(Saved entries)
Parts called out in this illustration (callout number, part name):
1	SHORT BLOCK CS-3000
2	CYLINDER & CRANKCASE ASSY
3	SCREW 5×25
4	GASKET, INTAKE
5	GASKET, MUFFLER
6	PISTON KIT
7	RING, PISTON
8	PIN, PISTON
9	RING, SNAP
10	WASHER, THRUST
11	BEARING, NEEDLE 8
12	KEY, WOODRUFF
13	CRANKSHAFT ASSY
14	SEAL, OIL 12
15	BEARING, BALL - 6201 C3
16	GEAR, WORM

**INSTRUCTIONS FOR THE TASK:**
Copy all lines above containing the string "PISTON".

**RESPONSE BOX:**
6	PISTON KIT
7	RING, PISTON
8	PIN, PISTON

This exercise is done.